Но что-то все время подсказывало мне: нет, не торопись расставаться с ним, у него в глазах не пустячная тревога, не недоверие к власти, а что-то значительно более серьезное.
Однако я все еще не знал, как подступиться к тому важному и необходимому нам, что он, возможно, скрывает. Круминьш говорил о боге пространно и с удовольствием, даже с сознанием какого-то своего превосходства надо мной. Это меня устраивало, я не мешал ему. Фиксируя, но тут же отбрасывая его сентенции, я вдруг остановился на одной.
Круминьш сказал:
— Вот и в плену не оставлял меня.
Я словно почувствовал в руках конец веревки, за который можно было подтянуть Круминьша к признанию.
— Чем же он помогал вам? Лишним куском? Или избавлял от страданий?

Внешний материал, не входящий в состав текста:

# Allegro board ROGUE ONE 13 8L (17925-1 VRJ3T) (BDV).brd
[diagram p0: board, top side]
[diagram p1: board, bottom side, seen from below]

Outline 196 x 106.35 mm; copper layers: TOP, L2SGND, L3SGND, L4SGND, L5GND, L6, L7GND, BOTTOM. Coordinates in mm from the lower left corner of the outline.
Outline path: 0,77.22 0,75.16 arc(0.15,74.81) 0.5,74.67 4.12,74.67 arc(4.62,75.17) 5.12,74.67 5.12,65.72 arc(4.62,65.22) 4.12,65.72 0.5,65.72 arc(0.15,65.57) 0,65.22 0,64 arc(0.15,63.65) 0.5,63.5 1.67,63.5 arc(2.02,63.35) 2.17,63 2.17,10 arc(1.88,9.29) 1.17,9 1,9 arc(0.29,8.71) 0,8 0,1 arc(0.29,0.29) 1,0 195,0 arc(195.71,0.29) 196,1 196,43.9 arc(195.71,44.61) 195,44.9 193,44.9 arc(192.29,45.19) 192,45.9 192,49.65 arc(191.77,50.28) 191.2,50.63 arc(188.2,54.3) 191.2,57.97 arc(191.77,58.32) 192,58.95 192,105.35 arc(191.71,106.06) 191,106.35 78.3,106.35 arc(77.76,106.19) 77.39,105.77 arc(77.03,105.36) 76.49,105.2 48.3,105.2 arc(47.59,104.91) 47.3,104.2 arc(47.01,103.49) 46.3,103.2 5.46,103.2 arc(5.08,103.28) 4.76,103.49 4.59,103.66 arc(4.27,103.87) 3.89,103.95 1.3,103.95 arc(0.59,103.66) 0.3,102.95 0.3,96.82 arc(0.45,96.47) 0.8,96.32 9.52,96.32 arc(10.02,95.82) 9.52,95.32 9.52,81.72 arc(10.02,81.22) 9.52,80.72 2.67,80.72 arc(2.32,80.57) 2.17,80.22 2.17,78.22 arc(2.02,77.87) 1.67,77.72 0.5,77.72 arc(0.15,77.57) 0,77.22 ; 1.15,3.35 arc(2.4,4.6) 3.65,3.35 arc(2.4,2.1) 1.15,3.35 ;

Он счел мои слова за насмешку, возразил:
— Физические страдания только на пользу духу.
— О каких физических страданиях вы говорите? — спросил я. — Ваши руки белы, значит, непосильным трудом вам не приходилось заниматься.
— Я был отдан в батраки, работал на сыроварне, там руки не почернеют.
— Вам повезло, — сказал я. — Не каждый попадал на сыроварню. А говорите о каком-то наказании. Знаете, я не сведущ в богословии, но с логикой до сих пор был в ладах. Поэтому мне кажется странным: как это ваш бог одновременно наказывал и одарял вас? Причем наказывал за грехи против себя, а одарял за грехи против народа. Да, да! — Я не дал ему возразить. — Вы украли у народа винтовку, которой ему так не хватало в то время. Именно украли, потому что вы не собирались стрелять из нее.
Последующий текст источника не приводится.